**What is needed**. Look at each line below and tally those holding "units"; answer with that figure and nothing else.

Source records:
◆ ◆ ◆ ◆

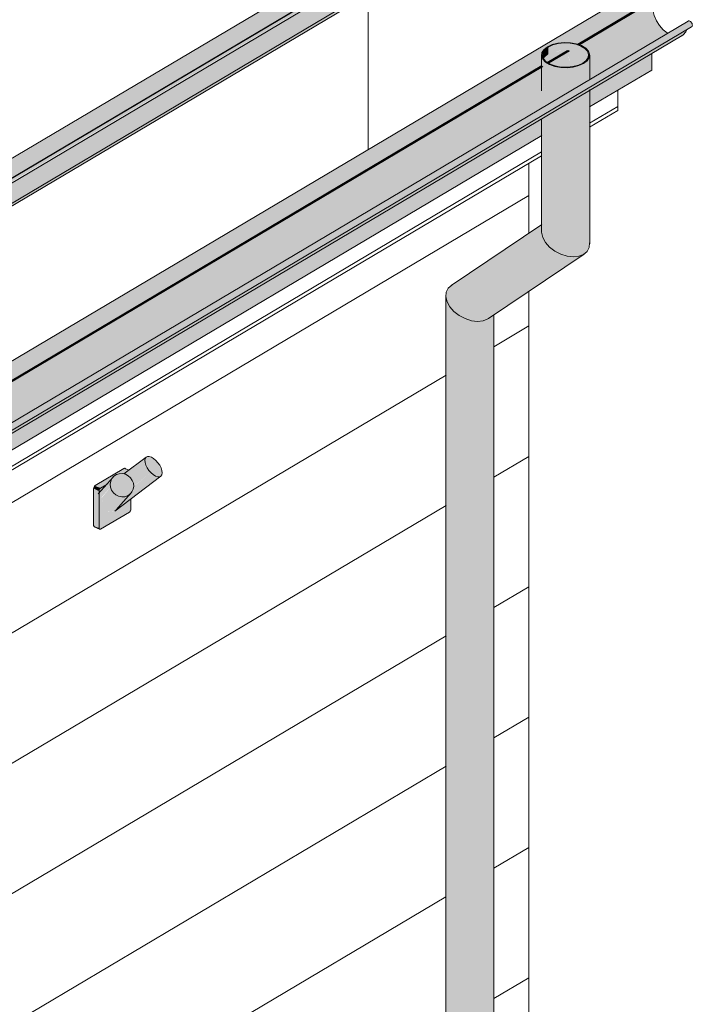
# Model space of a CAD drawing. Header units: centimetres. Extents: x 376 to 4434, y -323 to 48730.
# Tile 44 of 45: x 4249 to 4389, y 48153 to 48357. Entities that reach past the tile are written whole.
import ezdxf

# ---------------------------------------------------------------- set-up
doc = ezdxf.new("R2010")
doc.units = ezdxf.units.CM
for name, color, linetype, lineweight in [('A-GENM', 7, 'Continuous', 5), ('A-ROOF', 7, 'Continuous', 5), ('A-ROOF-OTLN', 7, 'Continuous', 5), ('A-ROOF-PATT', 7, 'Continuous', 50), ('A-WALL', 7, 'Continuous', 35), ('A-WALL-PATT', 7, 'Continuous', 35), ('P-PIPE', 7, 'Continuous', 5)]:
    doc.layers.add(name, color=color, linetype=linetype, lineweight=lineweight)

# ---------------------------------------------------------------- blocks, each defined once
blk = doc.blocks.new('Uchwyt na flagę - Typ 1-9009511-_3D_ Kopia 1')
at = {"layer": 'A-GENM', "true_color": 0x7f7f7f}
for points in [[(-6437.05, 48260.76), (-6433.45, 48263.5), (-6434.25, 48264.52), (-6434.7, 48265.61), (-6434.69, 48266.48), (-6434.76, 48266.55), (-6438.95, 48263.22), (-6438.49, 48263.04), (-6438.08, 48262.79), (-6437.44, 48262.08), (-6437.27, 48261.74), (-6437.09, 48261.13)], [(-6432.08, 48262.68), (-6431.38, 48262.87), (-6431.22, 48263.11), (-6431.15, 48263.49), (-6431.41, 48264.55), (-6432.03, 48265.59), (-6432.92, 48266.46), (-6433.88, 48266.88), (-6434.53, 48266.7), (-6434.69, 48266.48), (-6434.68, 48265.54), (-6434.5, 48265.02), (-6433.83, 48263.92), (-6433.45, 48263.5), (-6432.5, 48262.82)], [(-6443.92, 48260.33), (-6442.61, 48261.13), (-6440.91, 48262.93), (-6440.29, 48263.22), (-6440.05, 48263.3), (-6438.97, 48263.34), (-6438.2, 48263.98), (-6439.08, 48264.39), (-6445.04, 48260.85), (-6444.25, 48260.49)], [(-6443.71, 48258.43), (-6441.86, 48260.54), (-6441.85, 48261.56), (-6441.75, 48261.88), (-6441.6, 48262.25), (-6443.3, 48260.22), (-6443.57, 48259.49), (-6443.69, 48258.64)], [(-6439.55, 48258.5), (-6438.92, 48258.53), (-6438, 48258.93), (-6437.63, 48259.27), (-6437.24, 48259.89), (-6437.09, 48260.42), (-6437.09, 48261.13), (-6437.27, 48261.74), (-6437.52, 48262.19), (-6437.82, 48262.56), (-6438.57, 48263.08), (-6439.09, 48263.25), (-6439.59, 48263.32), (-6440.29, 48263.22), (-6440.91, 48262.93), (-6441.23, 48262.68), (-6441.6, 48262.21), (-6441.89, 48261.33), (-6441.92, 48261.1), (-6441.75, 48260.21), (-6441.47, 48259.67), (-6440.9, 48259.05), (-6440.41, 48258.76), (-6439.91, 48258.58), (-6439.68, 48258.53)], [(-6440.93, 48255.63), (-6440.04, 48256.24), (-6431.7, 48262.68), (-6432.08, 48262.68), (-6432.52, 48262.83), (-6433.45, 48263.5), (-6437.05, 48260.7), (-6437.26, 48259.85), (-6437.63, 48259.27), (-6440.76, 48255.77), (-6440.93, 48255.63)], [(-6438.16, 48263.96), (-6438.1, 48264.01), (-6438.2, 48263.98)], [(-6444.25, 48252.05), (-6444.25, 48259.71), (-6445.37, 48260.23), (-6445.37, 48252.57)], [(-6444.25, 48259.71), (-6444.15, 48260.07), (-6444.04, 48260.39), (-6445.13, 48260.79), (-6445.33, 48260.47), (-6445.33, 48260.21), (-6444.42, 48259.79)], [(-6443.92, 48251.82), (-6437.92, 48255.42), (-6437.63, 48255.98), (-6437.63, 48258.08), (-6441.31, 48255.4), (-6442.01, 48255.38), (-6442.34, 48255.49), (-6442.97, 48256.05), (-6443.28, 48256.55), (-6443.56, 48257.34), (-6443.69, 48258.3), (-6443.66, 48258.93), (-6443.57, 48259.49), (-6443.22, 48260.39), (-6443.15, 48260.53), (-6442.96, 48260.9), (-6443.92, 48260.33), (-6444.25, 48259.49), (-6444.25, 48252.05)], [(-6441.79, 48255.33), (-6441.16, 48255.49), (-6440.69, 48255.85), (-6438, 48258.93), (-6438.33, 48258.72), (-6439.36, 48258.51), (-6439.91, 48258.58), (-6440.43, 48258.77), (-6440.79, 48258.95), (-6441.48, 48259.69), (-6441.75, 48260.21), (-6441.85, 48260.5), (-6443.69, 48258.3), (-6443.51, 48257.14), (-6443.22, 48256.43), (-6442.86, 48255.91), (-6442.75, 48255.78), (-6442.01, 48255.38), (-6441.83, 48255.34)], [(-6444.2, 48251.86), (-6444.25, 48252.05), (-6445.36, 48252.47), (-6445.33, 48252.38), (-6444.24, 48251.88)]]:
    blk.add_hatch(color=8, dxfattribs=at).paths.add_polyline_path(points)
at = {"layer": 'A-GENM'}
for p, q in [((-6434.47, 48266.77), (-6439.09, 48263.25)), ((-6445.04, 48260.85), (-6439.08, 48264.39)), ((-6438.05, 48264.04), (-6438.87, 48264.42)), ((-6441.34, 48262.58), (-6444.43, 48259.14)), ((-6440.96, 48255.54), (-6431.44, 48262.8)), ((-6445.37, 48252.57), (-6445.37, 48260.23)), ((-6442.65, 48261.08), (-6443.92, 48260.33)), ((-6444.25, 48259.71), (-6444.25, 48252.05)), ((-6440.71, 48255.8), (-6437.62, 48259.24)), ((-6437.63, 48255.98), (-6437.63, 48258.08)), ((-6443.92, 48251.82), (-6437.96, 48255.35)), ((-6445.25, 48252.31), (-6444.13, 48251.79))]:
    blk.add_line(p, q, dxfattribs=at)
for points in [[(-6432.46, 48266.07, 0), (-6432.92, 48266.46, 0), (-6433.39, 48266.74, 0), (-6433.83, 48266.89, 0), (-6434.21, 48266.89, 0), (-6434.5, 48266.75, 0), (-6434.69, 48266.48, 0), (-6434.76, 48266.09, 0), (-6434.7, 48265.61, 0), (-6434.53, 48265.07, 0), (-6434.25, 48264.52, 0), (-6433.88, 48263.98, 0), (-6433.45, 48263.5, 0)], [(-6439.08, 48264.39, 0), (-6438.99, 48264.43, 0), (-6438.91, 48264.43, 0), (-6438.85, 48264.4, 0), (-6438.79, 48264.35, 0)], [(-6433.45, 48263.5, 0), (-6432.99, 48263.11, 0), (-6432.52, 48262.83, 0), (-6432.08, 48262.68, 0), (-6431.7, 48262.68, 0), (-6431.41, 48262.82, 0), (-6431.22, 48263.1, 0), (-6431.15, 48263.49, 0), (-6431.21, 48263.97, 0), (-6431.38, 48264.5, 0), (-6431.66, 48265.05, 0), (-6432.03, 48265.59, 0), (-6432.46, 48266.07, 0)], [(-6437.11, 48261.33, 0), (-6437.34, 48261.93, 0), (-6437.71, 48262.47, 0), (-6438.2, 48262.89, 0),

◆ ◆ ◆ ◆

**Answer space**. 2